+++ Working data +++

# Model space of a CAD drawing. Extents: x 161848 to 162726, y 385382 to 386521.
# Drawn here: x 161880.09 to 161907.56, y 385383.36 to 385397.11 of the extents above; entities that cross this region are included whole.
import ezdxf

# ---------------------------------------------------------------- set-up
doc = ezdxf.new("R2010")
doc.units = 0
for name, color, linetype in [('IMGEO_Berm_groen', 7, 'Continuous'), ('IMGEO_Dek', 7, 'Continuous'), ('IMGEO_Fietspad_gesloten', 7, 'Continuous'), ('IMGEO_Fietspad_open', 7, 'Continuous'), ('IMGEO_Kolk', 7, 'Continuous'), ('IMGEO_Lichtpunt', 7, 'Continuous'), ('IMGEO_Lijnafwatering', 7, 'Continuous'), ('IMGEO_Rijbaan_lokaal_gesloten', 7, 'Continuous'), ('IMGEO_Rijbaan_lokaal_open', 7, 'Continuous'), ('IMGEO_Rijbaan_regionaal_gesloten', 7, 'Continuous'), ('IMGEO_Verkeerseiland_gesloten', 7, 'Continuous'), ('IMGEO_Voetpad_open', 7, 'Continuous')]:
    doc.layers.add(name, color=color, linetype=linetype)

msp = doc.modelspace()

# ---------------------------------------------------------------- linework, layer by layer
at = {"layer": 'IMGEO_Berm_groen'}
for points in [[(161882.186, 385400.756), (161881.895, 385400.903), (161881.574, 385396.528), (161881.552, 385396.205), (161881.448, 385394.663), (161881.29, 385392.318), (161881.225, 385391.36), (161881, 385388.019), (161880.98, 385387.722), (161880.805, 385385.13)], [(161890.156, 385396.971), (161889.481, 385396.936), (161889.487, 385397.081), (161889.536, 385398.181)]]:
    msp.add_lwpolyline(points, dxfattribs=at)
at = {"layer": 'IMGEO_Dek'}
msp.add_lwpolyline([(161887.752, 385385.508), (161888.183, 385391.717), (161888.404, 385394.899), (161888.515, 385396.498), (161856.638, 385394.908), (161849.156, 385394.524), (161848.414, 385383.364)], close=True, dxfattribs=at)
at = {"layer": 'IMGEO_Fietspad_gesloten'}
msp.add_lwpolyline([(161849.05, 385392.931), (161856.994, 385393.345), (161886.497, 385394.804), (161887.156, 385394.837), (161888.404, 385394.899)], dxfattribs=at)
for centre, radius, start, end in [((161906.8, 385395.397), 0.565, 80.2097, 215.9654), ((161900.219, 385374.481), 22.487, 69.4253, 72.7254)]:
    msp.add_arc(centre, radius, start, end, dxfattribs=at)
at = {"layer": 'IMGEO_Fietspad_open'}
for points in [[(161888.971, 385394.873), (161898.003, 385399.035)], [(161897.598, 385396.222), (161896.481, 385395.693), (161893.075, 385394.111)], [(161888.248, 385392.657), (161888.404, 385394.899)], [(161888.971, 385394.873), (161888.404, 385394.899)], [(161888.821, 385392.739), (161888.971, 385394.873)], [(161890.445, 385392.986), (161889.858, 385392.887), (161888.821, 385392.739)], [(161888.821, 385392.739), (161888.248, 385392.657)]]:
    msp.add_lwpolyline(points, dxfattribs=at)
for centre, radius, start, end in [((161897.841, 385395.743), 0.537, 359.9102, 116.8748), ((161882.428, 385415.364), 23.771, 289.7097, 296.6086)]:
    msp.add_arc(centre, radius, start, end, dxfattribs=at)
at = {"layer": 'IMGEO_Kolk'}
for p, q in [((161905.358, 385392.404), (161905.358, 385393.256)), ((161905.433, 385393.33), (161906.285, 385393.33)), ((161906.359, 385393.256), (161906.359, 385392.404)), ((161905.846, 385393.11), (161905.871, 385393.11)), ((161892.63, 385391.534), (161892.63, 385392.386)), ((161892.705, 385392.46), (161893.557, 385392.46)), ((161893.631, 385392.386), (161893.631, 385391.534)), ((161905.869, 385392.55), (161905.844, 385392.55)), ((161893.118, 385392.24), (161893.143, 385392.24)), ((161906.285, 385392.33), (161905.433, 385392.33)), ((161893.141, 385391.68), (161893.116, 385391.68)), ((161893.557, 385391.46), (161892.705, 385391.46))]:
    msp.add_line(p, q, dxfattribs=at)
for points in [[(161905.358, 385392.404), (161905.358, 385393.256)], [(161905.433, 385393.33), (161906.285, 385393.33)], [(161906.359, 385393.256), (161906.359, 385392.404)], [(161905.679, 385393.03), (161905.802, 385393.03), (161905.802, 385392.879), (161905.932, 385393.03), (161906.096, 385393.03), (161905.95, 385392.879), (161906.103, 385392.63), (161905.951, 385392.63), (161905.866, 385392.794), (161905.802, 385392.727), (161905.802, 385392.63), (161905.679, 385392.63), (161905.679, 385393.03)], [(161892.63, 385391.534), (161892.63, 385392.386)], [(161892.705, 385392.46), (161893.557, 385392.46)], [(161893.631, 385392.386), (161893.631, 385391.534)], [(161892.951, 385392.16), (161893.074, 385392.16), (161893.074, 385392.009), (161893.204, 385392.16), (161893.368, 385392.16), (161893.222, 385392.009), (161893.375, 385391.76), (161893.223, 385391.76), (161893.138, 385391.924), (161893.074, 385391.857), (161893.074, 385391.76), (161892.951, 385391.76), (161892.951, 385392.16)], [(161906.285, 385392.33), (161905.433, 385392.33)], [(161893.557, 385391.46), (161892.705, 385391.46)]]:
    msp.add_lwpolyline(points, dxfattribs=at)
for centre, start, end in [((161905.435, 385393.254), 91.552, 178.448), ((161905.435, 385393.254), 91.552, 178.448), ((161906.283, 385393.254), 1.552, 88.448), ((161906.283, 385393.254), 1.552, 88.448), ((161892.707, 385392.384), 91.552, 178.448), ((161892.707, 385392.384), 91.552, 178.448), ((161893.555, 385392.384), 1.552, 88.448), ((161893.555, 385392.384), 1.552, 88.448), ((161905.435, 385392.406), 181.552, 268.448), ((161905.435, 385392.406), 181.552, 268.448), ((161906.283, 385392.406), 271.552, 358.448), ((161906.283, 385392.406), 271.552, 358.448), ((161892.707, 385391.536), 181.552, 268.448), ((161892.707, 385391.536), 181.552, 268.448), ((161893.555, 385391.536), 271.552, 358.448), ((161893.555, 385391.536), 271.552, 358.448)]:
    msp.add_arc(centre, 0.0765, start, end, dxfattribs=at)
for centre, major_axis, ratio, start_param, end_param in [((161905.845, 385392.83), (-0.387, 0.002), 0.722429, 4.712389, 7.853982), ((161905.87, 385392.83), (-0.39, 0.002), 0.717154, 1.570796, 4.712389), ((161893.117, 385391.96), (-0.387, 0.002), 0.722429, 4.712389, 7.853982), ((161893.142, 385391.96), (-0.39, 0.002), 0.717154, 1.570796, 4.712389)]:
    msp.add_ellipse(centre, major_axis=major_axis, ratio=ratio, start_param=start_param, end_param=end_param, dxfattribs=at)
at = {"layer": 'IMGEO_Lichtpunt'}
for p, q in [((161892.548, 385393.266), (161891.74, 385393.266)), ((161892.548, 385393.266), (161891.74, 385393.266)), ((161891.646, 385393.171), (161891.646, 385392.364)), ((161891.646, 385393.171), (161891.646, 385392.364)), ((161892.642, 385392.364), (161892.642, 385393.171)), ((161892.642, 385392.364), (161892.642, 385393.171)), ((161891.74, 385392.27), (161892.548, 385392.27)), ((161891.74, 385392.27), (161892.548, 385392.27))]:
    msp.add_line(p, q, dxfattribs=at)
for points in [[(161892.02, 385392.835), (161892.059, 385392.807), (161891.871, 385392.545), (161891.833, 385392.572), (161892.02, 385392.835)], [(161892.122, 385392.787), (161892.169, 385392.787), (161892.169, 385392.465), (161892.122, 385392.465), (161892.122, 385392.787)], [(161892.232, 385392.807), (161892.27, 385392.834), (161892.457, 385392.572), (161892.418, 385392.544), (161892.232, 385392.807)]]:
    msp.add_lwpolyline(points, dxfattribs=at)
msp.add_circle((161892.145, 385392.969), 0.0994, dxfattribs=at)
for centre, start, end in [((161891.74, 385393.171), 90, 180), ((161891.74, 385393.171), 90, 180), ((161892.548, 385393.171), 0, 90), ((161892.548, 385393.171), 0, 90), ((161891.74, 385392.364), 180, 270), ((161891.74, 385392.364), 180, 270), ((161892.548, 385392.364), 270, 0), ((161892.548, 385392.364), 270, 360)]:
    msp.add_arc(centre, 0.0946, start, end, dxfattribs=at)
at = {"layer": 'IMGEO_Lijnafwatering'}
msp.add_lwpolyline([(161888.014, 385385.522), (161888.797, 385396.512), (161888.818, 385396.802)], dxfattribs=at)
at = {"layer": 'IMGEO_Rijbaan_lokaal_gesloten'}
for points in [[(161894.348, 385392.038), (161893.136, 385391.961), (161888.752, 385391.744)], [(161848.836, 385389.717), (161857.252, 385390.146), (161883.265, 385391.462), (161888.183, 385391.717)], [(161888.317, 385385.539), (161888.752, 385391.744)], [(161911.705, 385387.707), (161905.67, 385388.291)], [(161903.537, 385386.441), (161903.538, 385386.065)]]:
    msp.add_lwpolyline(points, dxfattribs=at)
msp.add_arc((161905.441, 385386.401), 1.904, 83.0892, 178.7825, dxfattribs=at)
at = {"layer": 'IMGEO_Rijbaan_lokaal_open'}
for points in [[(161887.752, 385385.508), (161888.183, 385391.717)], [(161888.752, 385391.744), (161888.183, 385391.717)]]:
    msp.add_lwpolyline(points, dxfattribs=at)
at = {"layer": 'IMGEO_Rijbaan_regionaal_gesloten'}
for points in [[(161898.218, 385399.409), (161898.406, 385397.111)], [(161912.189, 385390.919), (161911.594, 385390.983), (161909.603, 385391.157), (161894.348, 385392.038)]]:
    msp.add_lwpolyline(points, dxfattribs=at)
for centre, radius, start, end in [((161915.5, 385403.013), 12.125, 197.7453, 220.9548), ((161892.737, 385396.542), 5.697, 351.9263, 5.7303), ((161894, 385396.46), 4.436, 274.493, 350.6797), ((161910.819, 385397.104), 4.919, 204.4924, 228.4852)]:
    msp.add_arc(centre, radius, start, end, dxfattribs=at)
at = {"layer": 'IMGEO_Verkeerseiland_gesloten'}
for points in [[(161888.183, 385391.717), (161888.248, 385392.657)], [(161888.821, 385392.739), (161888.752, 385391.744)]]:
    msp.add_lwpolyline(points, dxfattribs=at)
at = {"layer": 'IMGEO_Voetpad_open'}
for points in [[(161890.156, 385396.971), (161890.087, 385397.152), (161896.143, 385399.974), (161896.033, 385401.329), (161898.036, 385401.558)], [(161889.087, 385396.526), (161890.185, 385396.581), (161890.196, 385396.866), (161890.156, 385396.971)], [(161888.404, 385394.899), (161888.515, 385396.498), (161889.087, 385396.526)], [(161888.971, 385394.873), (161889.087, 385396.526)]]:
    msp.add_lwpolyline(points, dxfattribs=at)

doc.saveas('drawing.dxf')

+++

*Exercise requirements:* Across the records above, how many lines contain the word "drawing"? Give the number by itself.

*Your response:* 2